Appellant Wilkerson was convicted of unlawfully entering an automobile and theft by taking. The trial took place on January 12, 1982. However, a snow storm forced the trial court to end the jury’s deliberations on that date. The jury was subsequently reconvened on January 15, 1982, at which time the jury requested portions of the tapes of the testimony of two state’s witnesses be replayed. The trial judge questioned the jury several times as to whether the request included cross-examination of these witnesses. On each occasion, the jury replied in the negative. Deliberations continued on Friday, January 15, and on the following Monday when a verdict of guilty was returned.

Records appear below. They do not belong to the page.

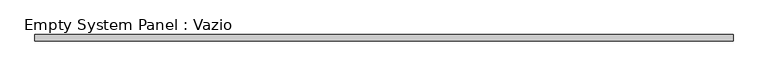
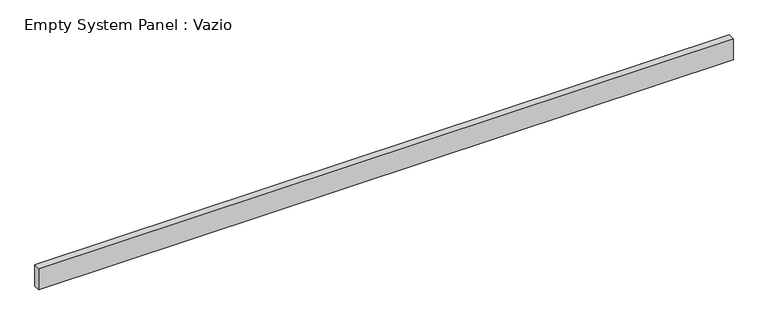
"""IFC4 building model written with IfcOpenShell, lengths in millimetres: plate geometry, Empty System Panel : Vazio."""

from ifc_helpers import new_model, si_unit, origin, origin_with_axes, place, context, project, spatial, polyline, outline, extrude, source, transform, mapped, element, save


def empty_system_panel_vazio_b4c02b83(model_context):
    return source(origin(), model_context, "Body", "SweptSolid", [
        extrude(outline(polyline([(5350.003242, 50.0), (-5350.003242, 50.0), (-5350.003242, 150.0), (5350.003242, 150.0), (5350.003242, 50.0)])), origin_with_axes(), (0.0, 0.0, 1.0), 344.4204966),
    ])


if __name__ == "__main__":
    model = new_model("IFC4")
    model_context = context("Model", 3, world=origin())
    ifc_project = project(units=[si_unit("LENGTHUNIT", "METRE", prefix="MILLI")], contexts=[model_context])
    site = spatial("IfcSite", under=ifc_project)
    building = spatial("IfcBuilding", under=site)
    placement = place(None, origin())
    empty_system_panel_vazio_shape = empty_system_panel_vazio_b4c02b83(model_context)
    element("IfcPlate", 1, ObjectType="Empty System Panel : Vazio", at=placement, inside=building, context=model_context, shape_type="MappedRepresentation", body=[
        mapped(empty_system_panel_vazio_shape, transform((0.0, 0.0, 0.0), x_axis=(1.0, 0.0, 0.0), y_axis=(0.0, 1.0, 0.0), z_axis=(0.0, 0.0, 1.0))),
    ])
    save(model, "model.ifc")
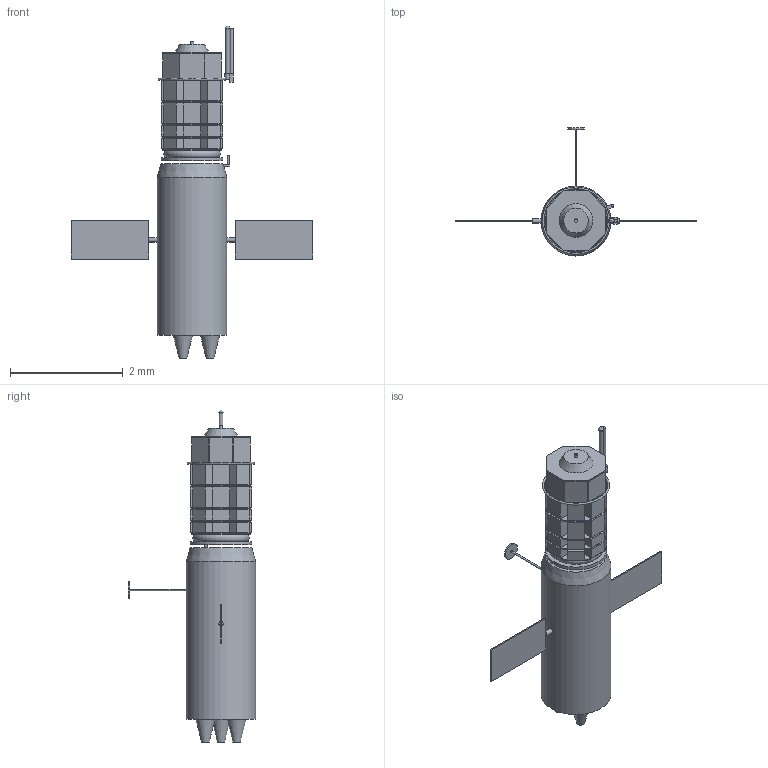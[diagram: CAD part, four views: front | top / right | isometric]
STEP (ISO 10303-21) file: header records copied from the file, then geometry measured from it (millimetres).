
FILE_DESCRIPTION(('Open CASCADE Model'),'2;1');
FILE_NAME('Open CASCADE Shape Model','2026-10-04T09:10:04',('Author'),( 'Open CASCADE'),'Open CASCADE STEP processor 7.9','Open CASCADE 7.9' ,'Unknown');
FILE_SCHEMA(('AUTOMOTIVE_DESIGN { 1 0 10303 214 1 1 1 1 }'));
Length unit declared in the file: millimetre
Products named in the file (70): LELP-1; bay_ring_1; bay_ring_2; bay_ring_3; bay_ring_4; bay_ring_5_top; central_core; bay_M_01_Zurich_Biotech_Lab; bay_M_02_Bengaluru_Biosciences; bay_M_03_Basel_Pharma_Research; bay_M_04_Hyderabad_Cell_Lab; bay_M_05_Lausanne_Materials; bay_M_06_Geneva_Protein_Lab; bay_M_07_Chennai_Microfluidics; bay_M_08_Pune_Plant_Science; bay_M_09_Zurich_Biotech_Lab; bay_M_10_Bengaluru_Biosciences; bay_M_11_Basel_Pharma_Research; bay_M_12_Hyderabad_Cell_Lab; bay_M_13_Lausanne_Materials; bay_M_14_Geneva_Protein_Lab; bay_M_15_Chennai_Microfluidics; bay_M_16_Pune_Plant_Science; bay_L_17_RadSenRegen; bay_L_18_Bengaluru_Biosciences; bay_L_19_Basel_Pharma_Research; bay_L_20_Hyderabad_Cell_Lab; bay_L_21_Lausanne_Materials; bay_L_22_Geneva_Protein_Lab; bay_L_23_Chennai_Microfluidics; bay_L_24_Pune_Plant_Science; bay_L_25_Zurich_Biotech_Lab; bay_L_26_Bengaluru_Biosciences; bay_L_27_Basel_Pharma_Research; bay_L_28_Hyderabad_Cell_Lab; bay_L_29_Lausanne_Materials; bay_L_30_Geneva_Protein_Lab; bay_L_31_Chennai_Microfluidics; bay_L_32_Pune_Plant_Science; translation_rig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
Assembly tree (69 placements, depth 2):
  LELP-1
    bay_ring_1
    bay_ring_2
    bay_ring_3
    bay_ring_4
    bay_ring_5_top
    central_core
    bay_M_01_Zurich_Biotech_Lab
    bay_M_02_Bengaluru_Biosciences
    bay_M_03_Basel_Pharma_Research
    bay_M_04_Hyderabad_Cell_Lab
    bay_M_05_Lausanne_Materials
    bay_M_06_Geneva_Protein_Lab
    bay_M_07_Chennai_Microfluidics
    bay_M_08_Pune_Plant_Science
    bay_M_09_Zurich_Biotech_Lab
    bay_M_10_Bengaluru_Biosciences
    bay_M_11_Basel_Pharma_Research
    bay_M_12_Hyderabad_Cell_Lab
    bay_M_13_Lausanne_Materials
    bay_M_14_Geneva_Protein_Lab
    bay_M_15_Chennai_Microfluidics
    bay_M_16_Pune_Plant_Science
    bay_L_17_RadSenRegen
    bay_L_18_Bengaluru_Biosciences
    bay_L_19_Basel_Pharma_Research
    bay_L_20_Hyderabad_Cell_Lab
    bay_L_21_Lausanne_Materials
    bay_L_22_Geneva_Protein_Lab
    bay_L_23_Chennai_Microfluidics
    bay_L_24_Pune_Plant_Science
    bay_L_25_Zurich_Biotech_Lab
    bay_L_26_Bengaluru_Biosciences
    bay_L_27_Basel_Pharma_Research
    bay_L_28_Hyderabad_Cell_Lab
    bay_L_29_Lausanne_Materials
    bay_L_30_Geneva_Protein_Lab
    bay_L_31_Chennai_Microfluidics
    bay_L_32_Pune_Plant_Science
    translation_rig
    central_chamber_wall
    40x_fluorescence_microscope
    chamber_lid
    parachute_canister_9_m_main
    recovery_beacon
    avionics_radios_Sentinel_crypto_unit
    battery_1_5_kWh
    ADCS_3_reaction_wheels_star_tracker_magnetorquers
    thermal_control
    heat_shield_packed_4_tori_flexible_TPS
    rigid_nose_stowed_under_the_lab
    Dexter-L_ring_track
    Dexter-L_base_and_shoulder
    Dexter-L_upper_arm_0_80_m
    Dexter-L_elbow
    Dexter-L_forearm_0_80_m
    Dexter-L_wrist_and_gripper_0_15_m
    stage_adapter
    RUPAK_upper_stage_simplified
    Vibhu_engine_1
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Bounding box: 4.28 x 2.27 x 5.9 mm (x, y, z)
Volume: 5 mm3; surface area: 59.3 mm2
Topology: 69 solids, 69 shells, 391 faces, 775 edges, 516 vertices
Faces by surface type: plane 372, cylinder 11, cone 5, torus 2, sphere 1
Full cylindrical faces by diameter (mm): 0.03 x1, 0.04 x1, 0.056 x1, 0.06 x1, 0.07 x1, 0.08 x2, 0.11 x1, 0.3 x1, 1.1 x1, 1.24 x1
Entity records: 21572 total; most frequent: CARTESIAN_POINT 3324, DIRECTION 3242, LINE 2216, VECTOR 2216, ORIENTED_EDGE 1544, PCURVE 1544, DEFINITIONAL_REPRESENTATION 1544, EDGE_CURVE 772
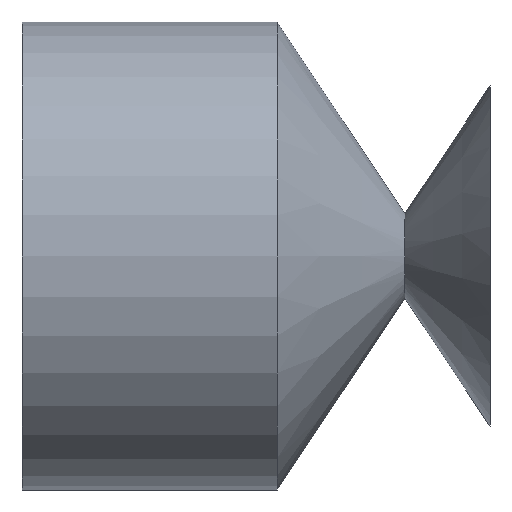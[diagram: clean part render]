
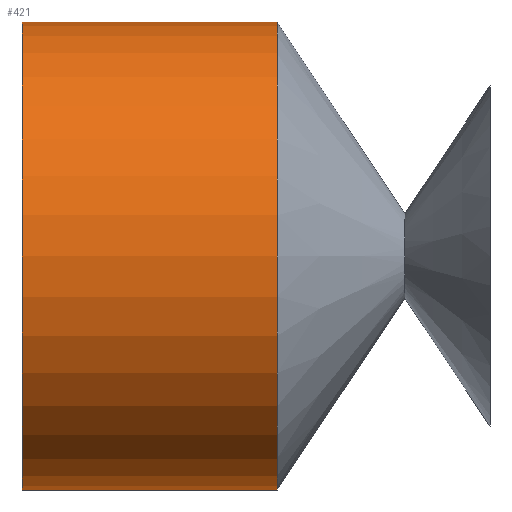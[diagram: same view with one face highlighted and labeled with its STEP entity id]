
A CAD part, left-side view. The second image highlights one B-rep face of the part: STEP entity #421.
In plain terms, the highlighted cylindrical face has radius 5.5 mm (diameter 11 mm), a partial arc.
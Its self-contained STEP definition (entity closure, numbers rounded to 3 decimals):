
#12 = EDGE_CURVE ( 'NONE', #23, #373, #188, .T. ) ;
#23 = VERTEX_POINT ( 'NONE', #390 ) ;
#30 = EDGE_CURVE ( 'NONE', #73, #384, #331, .T. ) ;
#48 = DIRECTION ( 'NONE',  ( 0., -1., 0. ) ) ;
#63 = CIRCLE ( 'NONE', #481, 5.5 ) ;
#73 = VERTEX_POINT ( 'NONE', #85 ) ;
#85 = CARTESIAN_POINT ( 'NONE',  ( 0., 11., -5.5 ) ) ;
#87 = CARTESIAN_POINT ( 'NONE',  ( 0., 5.005, 0. ) ) ;
#100 = DIRECTION ( 'NONE',  ( 0., -1., 0. ) ) ;
#104 = AXIS2_PLACEMENT_3D ( 'NONE', #87, #235, #502 ) ;
#121 = FACE_OUTER_BOUND ( 'NONE', #486, .T. ) ;
#155 = ORIENTED_EDGE ( 'NONE', *, *, #30, .T. ) ;
#156 = ORIENTED_EDGE ( 'NONE', *, *, #366, .F. ) ;
#188 = LINE ( 'NONE', #270, #388 ) ;
#221 = CARTESIAN_POINT ( 'NONE',  ( 0., 5.005, -5.5 ) ) ;
#235 = DIRECTION ( 'NONE',  ( 0., -1., 0. ) ) ;
#268 = DIRECTION ( 'NONE',  ( 0., -1., 0. ) ) ;
#270 = CARTESIAN_POINT ( 'NONE',  ( 0., 0., 5.5 ) ) ;
#271 = CARTESIAN_POINT ( 'NONE',  ( 0., 0., 0. ) ) ;
#281 = AXIS2_PLACEMENT_3D ( 'NONE', #271, #48, #335 ) ;
#306 = ORIENTED_EDGE ( 'NONE', *, *, #12, .F. ) ;
#317 = CIRCLE ( 'NONE', #104, 5.5 ) ;
#331 = LINE ( 'NONE', #358, #497 ) ;
#335 = DIRECTION ( 'NONE',  ( 0., 0., -1. ) ) ;
#349 = ORIENTED_EDGE ( 'NONE', *, *, #496, .T. ) ;
#358 = CARTESIAN_POINT ( 'NONE',  ( 0., 0., -5.5 ) ) ;
#366 = EDGE_CURVE ( 'NONE', #373, #384, #317, .T. ) ;
#373 = VERTEX_POINT ( 'NONE', #450 ) ;
#384 = VERTEX_POINT ( 'NONE', #221 ) ;
#388 = VECTOR ( 'NONE', #522, 1000. ) ;
#390 = CARTESIAN_POINT ( 'NONE',  ( 0., 11., 5.5 ) ) ;
#421 = ADVANCED_FACE ( 'NONE', ( #121 ), #444, .T. ) ;
#444 = CYLINDRICAL_SURFACE ( 'NONE', #281, 5.5 ) ;
#450 = CARTESIAN_POINT ( 'NONE',  ( 0., 5.005, 5.5 ) ) ;
#464 = CARTESIAN_POINT ( 'NONE',  ( 0., 11., 0. ) ) ;
#467 = DIRECTION ( 'NONE',  ( 0., 0., -1. ) ) ;
#481 = AXIS2_PLACEMENT_3D ( 'NONE', #464, #100, #467 ) ;
#486 = EDGE_LOOP ( 'NONE', ( #306, #349, #155, #156 ) ) ;
#496 = EDGE_CURVE ( 'NONE', #23, #73, #63, .T. ) ;
#497 = VECTOR ( 'NONE', #268, 1000. ) ;
#502 = DIRECTION ( 'NONE',  ( 0., 0., -1. ) ) ;
#522 = DIRECTION ( 'NONE',  ( 0., -1., 0. ) ) ;
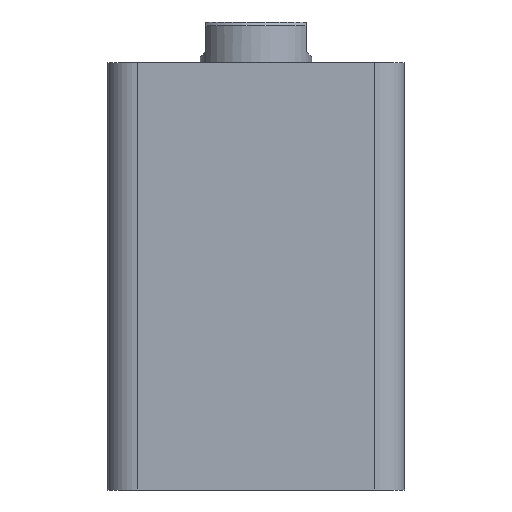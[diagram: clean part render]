
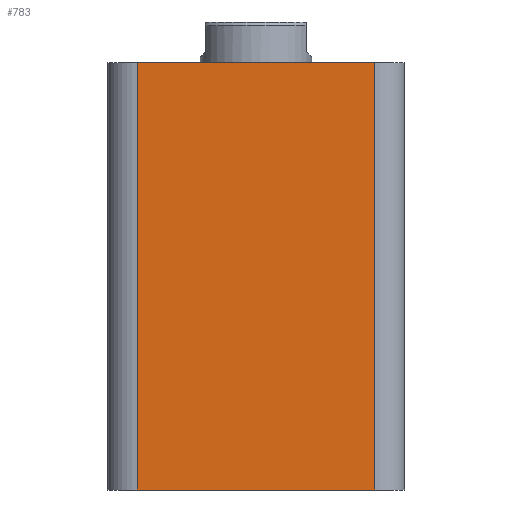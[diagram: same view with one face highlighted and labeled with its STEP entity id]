
A CAD part, front view. The second image highlights one B-rep face of the part: STEP entity #783.
In plain terms, the highlighted planar face has unit normal (0, -1, 0).
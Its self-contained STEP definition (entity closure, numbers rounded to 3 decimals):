
#21 = VERTEX_POINT ( 'NONE', #1716 ) ;
#52 = VERTEX_POINT ( 'NONE', #1720 ) ;
#97 = VERTEX_POINT ( 'NONE', #1609 ) ;
#330 = VECTOR ( 'NONE', #2246, 1000. ) ;
#332 = VECTOR ( 'NONE', #2258, 1000. ) ;
#334 = LINE ( 'NONE', #2247, #330 ) ;
#341 = VECTOR ( 'NONE', #2257, 1000. ) ;
#342 = LINE ( 'NONE', #2251, #332 ) ;
#344 = LINE ( 'NONE', #2261, #341 ) ;
#367 = VECTOR ( 'NONE', #2176, 1000. ) ;
#372 = LINE ( 'NONE', #2178, #367 ) ;
#533 = EDGE_CURVE ( 'NONE', #97, #52, #372, .T. ) ;
#549 = EDGE_CURVE ( 'NONE', #97, #21, #344, .T. ) ;
#552 = EDGE_CURVE ( 'NONE', #21, #1514, #342, .T. ) ;
#553 = EDGE_CURVE ( 'NONE', #1514, #52, #334, .T. ) ;
#704 = AXIS2_PLACEMENT_3D ( 'NONE', #1074, #1065, #1061 ) ;
#783 = ADVANCED_FACE ( 'NONE', ( #2530 ), #1067, .F. ) ;
#944 = CARTESIAN_POINT ( 'NONE',  ( 32., -40., 0. ) ) ;
#1061 = DIRECTION ( 'NONE',  ( 0., 0., 1. ) ) ;
#1065 = DIRECTION ( 'NONE',  ( 0., 1., 0. ) ) ;
#1067 = PLANE ( 'NONE',  #704 ) ;
#1074 = CARTESIAN_POINT ( 'NONE',  ( -40., -40., 115. ) ) ;
#1213 = ORIENTED_EDGE ( 'NONE', *, *, #553, .T. ) ;
#1223 = ORIENTED_EDGE ( 'NONE', *, *, #549, .T. ) ;
#1224 = ORIENTED_EDGE ( 'NONE', *, *, #552, .T. ) ;
#1226 = ORIENTED_EDGE ( 'NONE', *, *, #533, .F. ) ;
#1418 = EDGE_LOOP ( 'NONE', ( #1226, #1223, #1224, #1213 ) ) ;
#1514 = VERTEX_POINT ( 'NONE', #944 ) ;
#1609 = CARTESIAN_POINT ( 'NONE',  ( -32., -40., 115. ) ) ;
#1716 = CARTESIAN_POINT ( 'NONE',  ( -32., -40., 0. ) ) ;
#1720 = CARTESIAN_POINT ( 'NONE',  ( 32., -40., 115. ) ) ;
#2176 = DIRECTION ( 'NONE',  ( 1., 0., 0. ) ) ;
#2178 = CARTESIAN_POINT ( 'NONE',  ( -40., -40., 115. ) ) ;
#2246 = DIRECTION ( 'NONE',  ( 0., 0., 1. ) ) ;
#2247 = CARTESIAN_POINT ( 'NONE',  ( 32., -40., 115. ) ) ;
#2251 = CARTESIAN_POINT ( 'NONE',  ( -40., -40., 0. ) ) ;
#2257 = DIRECTION ( 'NONE',  ( 0., 0., -1. ) ) ;
#2258 = DIRECTION ( 'NONE',  ( 1., 0., 0. ) ) ;
#2261 = CARTESIAN_POINT ( 'NONE',  ( -32., -40., 115. ) ) ;
#2530 = FACE_OUTER_BOUND ( 'NONE', #1418, .T. ) ;

Appellant’s sole enumeration on appeal assigns error to the replay of the tapes. He contends that he was prejudiced by the replay based upon the time lag between the trial and the deliberations and that those portions replayed for the jury were summaries of the state’s case and not indicative of the contradictory nature of the cumulative evidence.

“[T]he jury should be permitted to limit what they rehear to what they desire to rehear, absent special circumstances which might work an injustice.” Byrd v. State, 237 Ga. 781, 783 (229 SE2d 631) (1976). Therefore, the appellant must show such special circumstances in order to obtain a reversal based upon this point. We do not find these present in this case. The jury was afforded ample opportunity to rehear the testimony elicited on cross-examination of *15 the two witnesses at issue; they declined. Further, contrary to appellant’s assertions, a review of their testimony on cross-examination, along with the entire transcript, fails to reveal contradictions and confusion in the evidence sufficient to warrant reversal. Nor do we find that the time lapse between the close of the evidence and the jury’s deliberations provided or contributed to special circumstances in this case as urged by appellant. The trial court did not err in allowing the jury to hear a playback of the requested portions of testimony. See Byrd v. State, supra; Epps v. State, 134 Ga. App. 429 (9) (214 SE2d 703) (1975).

Decided January 4, 1983. James C. Wyatt, for appellant. F. Larry Salmon, District Attorney, William H. Boggs, William Boling, Jr., Assistant District Attorneys, for appellee.

Judgment affirmed.

Deen, P. J., and Sognier, J., concur.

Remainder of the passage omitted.